# Jobs for EMTs with no experience



## NorthCalEMT (Nov 6, 2012)

I'm certified, but have no experience. Are there any 911 responding companies that hire EMTs with no experience? Also, does anyone know of any hospitals that hire with no experience?


----------



## Aprz (Nov 7, 2012)

I think it depends where you live and the time.

For like a year where I live, the 911 provider did both interfacility transport (IFT) and 911, and they'd require their EMTs to do at least 6 months to be elgibile to work on a 911 unit I believe. A new provider came in, and they did 911 only, and they hired many people fresh from EMT school with no experience.

The same thing in one other county, but they didn't hure anybody for over a year and a half, and now they just hired some people.

Another county just opened up some 911 positions too.

And overall, there were no jobs when I got certified. It took me 13 months to get an EMT job at an IFT-only company (no 911). Now, for some reason, everybody is hiring in the area I work in....

I am assuming you live in Northern California, California is usually a little bit tougher to get an EMT job period, but if you'd like more specific information, you probably should post up the counties you're interested working in.


----------



## NorthCalEMT (Nov 7, 2012)

From Northern California but, currently live in north Orange County. So, I'm looking for jobs down in the northern OC or souther LAco area. However, if a job in northern CA with relatively decent pay and good experience running 911 calls was open and I could get hired I would definitely go back


----------



## Handsome Robb (Nov 7, 2012)

You're in one of, if not the toughest areas/states to get an EMT or Paramedic job in. 

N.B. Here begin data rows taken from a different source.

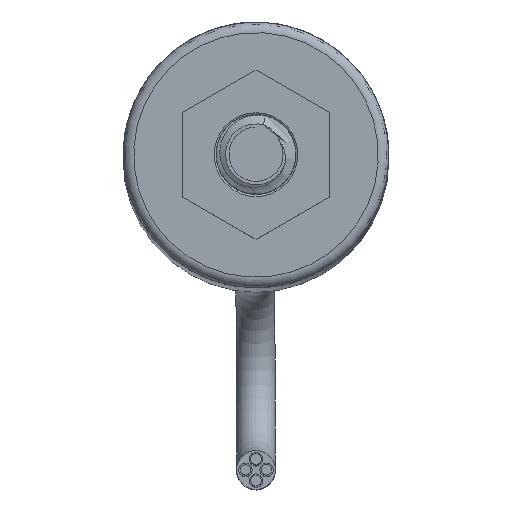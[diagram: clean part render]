
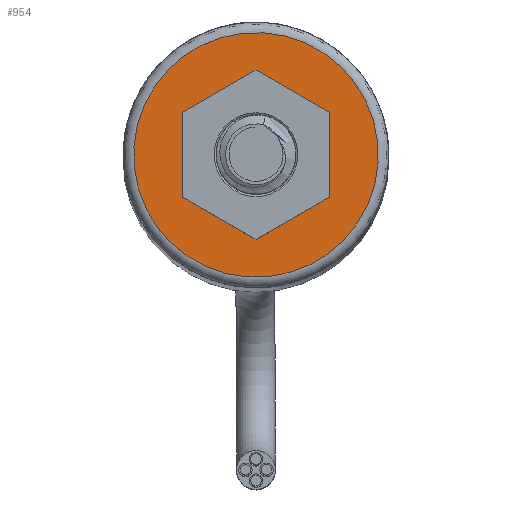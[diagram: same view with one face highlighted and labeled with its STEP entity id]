
A CAD part, top view. The second image highlights one B-rep face of the part: STEP entity #954.
In plain terms, the highlighted planar face has unit normal (0, 0, 1).
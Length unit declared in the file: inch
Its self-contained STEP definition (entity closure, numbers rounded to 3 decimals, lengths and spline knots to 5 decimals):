
#69=FACE_BOUND('',#190,.T.);
#87=PLANE('',#1193);
#123=FACE_OUTER_BOUND('',#189,.T.);
#189=EDGE_LOOP('',(#642));
#190=EDGE_LOOP('',(#643));
#367=CIRCLE('',#1188,0.23);
#371=CIRCLE('',#1194,0.11);
#424=VERTEX_POINT('',#1625);
#427=VERTEX_POINT('',#1635);
#506=EDGE_CURVE('',#424,#424,#367,.T.);
#511=EDGE_CURVE('',#427,#427,#371,.T.);
#642=ORIENTED_EDGE('',*,*,#506,.F.);
#643=ORIENTED_EDGE('',*,*,#511,.T.);
#954=ADVANCED_FACE('',(#123,#69),#87,.T.);
#1188=AXIS2_PLACEMENT_3D('',#1626,#1328,#1329);
#1193=AXIS2_PLACEMENT_3D('',#1634,#1339,#1340);
#1194=AXIS2_PLACEMENT_3D('',#1636,#1341,#1342);
#1328=DIRECTION('center_axis',(0.,0.,
-1.));
#1329=DIRECTION('ref_axis',(0.96,0.279,0.));
#1339=DIRECTION('center_axis',(0.,0.,
1.));
#1340=DIRECTION('ref_axis',(-0.96,-0.279,0.));
#1341=DIRECTION('center_axis',(0.,0.,
-1.));
#1342=DIRECTION('ref_axis',(-0.96,-0.279,0.));
#1625=CARTESIAN_POINT('',(0.22085,0.06423,0.03));
#1626=CARTESIAN_POINT('Origin',(0.,0.,
0.03));
#1634=CARTESIAN_POINT('Origin',(0.,0.,
0.03));
#1635=CARTESIAN_POINT('',(0.10562,0.03072,0.03));
#1636=CARTESIAN_POINT('Origin',(0.,0.,
0.03));

If you are looking for OC or LaCO you need to get their county scope certifications. I can't tell you how to go about that seeing as I'm not from there but I'm 99% sure they are required for both those counties. 

There are a ton of threads on this board about new EMTs getting hired in California and all the hoops you have to jump through. 

Off the top of my head I know you need a state EMT card, a county EMT card, that county's extended scope if applicable, an Ambulance Driver's License and a few other things. Medical examiner's card too, I believe but that is to get your ADL if I'm not mistaken.

Most companies will want the entry level FEMA courses either before or just after hiring you. (ICS 100, 200, 700, some like 800 too).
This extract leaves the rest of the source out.